Second CCC, I OWN a real estate agency so I understand how they work pretty well also, AND since they make me money, I generally don’t have much of a problem with them either.

My post was in reponse to CCC’s comment about a wholesaler being a “bridge” between buyer and seller. That is incorrect. A wholesaler buys a property and resells it to another for a PROFIT. In one transaction, the wholesaler is a buyer, in the other, they are a seller. If you want to call that a “bridge” fine, but at no time should the wholesaler be trying to setup a deal between the original seller and the end buyer, or bridging a deal. THAT is what a RE agent does.

Now, Manga (cool comics, huh)
I never said that a wholesaler didn’t provide a service OR that they didn’t have value. BUT, the end goal of the wholesaler is for the wholesaler to make a PROFIT (there’s that word again). Do you really believe that Wal-mart negotiated that great deal with China just so we ungrateful Americans can buy stuff cheaper? Come on, I think that you’re smarter than that. Wal-mart buys from China because they sell it to them cheaper than American companies do, which gives ol’ Wally World more PROFIT (damn, there it is again).

Bottom line, you only provide those great “services” you listed when you, as a wholesaler, think you can make a PROFIT (enough with that already).

Let’s look at this way:

You said, you provide a service to the homeowner. Well, ONLY if you actually buy their property. If it isn’t a good deal (and I mean a really good deal because a wholesaler must be able to resell to a retailer and still make money (man, at least it was that P word, again), then I doubt that you’ll buy it. Tell me, do you think that the homeowner whom you didn’t solve their problem thinks that you provided a service?

You help the city…Well, sort of. It’s really the rehabber that helps the city, because they are the ones fixing the place up. But I’ll give it to you if you sell to a rehabber that knows what he is doing, okay?

You help the neighbors…Nope, sorry, but that one goes only to the rehabber.
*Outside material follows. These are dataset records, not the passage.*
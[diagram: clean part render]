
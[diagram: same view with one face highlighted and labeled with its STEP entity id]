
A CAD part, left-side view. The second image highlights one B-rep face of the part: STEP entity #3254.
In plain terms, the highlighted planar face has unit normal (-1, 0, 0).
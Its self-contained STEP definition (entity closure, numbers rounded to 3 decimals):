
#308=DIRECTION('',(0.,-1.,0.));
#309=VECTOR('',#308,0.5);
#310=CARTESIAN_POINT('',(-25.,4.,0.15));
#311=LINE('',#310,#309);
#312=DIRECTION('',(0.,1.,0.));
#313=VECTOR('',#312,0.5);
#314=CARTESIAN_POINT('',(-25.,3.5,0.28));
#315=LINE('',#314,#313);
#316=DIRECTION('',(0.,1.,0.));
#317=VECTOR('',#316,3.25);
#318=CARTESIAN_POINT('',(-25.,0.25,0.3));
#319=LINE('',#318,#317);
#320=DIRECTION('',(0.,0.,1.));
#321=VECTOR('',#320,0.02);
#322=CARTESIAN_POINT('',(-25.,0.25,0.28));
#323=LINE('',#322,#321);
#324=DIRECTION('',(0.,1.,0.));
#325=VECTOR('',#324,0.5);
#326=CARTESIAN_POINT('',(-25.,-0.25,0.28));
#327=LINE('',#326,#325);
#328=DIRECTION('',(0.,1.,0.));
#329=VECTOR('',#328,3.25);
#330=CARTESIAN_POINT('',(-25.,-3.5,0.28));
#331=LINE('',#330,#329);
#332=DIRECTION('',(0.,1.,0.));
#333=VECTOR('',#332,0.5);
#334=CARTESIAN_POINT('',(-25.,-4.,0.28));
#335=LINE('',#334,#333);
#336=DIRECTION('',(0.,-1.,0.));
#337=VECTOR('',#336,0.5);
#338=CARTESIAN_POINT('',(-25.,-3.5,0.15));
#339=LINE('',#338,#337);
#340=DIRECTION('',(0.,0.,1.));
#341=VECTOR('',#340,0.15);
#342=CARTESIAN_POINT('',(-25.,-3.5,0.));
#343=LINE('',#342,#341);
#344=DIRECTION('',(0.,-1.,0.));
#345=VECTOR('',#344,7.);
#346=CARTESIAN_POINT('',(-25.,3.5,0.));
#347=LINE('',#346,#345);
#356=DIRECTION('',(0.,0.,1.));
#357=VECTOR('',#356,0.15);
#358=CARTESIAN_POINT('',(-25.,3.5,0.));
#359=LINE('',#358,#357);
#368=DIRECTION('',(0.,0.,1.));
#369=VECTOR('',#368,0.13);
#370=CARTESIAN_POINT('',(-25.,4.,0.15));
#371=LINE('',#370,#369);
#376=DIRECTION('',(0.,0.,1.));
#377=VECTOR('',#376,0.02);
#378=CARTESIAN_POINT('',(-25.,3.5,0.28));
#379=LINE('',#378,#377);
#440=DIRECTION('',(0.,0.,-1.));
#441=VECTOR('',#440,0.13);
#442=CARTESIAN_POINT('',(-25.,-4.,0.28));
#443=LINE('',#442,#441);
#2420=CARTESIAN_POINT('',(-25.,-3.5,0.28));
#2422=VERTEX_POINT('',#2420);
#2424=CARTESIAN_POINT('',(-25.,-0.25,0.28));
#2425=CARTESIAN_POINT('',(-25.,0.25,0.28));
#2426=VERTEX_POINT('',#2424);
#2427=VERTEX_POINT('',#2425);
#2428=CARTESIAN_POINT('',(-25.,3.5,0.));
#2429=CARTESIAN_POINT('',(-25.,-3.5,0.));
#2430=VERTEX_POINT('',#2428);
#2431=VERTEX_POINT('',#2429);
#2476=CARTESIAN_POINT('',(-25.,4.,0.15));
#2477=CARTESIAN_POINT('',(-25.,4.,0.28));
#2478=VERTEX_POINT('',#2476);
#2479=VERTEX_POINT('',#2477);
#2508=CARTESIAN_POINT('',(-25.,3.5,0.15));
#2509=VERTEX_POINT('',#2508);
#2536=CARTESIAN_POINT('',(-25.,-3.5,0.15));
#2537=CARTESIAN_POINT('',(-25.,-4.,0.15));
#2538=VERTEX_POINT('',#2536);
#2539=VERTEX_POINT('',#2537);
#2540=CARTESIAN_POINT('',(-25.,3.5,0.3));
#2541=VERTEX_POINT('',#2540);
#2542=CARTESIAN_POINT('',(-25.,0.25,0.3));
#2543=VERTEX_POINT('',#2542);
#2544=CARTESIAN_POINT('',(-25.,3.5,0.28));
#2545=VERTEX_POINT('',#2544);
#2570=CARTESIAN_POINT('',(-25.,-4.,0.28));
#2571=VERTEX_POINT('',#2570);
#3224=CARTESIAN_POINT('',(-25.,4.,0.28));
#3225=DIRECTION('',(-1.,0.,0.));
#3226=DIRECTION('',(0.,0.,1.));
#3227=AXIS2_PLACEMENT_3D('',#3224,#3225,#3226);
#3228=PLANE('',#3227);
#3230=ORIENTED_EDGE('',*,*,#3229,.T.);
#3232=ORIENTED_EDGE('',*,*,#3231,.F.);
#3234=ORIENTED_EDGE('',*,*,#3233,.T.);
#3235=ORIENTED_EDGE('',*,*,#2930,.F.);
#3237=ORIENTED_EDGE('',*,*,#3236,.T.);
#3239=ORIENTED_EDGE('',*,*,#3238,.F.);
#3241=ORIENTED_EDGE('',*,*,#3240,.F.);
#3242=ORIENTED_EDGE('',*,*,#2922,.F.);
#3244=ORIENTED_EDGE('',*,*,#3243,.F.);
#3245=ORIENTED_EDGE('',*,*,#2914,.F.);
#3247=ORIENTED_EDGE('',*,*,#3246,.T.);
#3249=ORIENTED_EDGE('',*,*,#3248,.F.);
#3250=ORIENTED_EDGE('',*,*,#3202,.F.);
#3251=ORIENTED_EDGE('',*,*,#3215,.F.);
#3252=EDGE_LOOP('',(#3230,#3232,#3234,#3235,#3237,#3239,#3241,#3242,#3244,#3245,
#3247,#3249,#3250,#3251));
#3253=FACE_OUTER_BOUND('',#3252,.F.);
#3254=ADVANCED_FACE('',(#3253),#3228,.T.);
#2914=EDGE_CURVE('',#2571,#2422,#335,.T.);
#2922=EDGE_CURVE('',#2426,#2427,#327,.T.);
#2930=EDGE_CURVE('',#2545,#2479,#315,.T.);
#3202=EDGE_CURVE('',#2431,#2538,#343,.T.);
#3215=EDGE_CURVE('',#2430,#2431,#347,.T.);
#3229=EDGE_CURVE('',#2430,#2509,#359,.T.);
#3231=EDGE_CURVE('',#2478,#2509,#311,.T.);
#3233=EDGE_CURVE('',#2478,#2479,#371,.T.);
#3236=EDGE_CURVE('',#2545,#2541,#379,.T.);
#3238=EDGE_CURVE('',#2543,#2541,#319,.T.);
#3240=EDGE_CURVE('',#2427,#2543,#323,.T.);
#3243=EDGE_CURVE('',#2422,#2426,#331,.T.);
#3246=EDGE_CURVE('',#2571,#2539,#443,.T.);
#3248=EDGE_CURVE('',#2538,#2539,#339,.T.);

If it’s a dump when you buy it, it’s still a dump when you sell it to the rehabber. Well, maybe a slighter cleaner dump, but still a dump. The rehabber fixes up the property which keeps the neighborhood values high (that and the retail sell). I mean, if you really want to pursue this one, as wholesaler, you’ll be more likely to drive values DOWN. You know, buying at 50% of value, selling at 75% of value.

The rehabber… I give you this one IF you change it to ‘who doesn’t have time to find the deals.’ If you’re selling to a rehabber who doesn’t know HOW to find the deals, then you’re probably NOT doing much of anybody a service.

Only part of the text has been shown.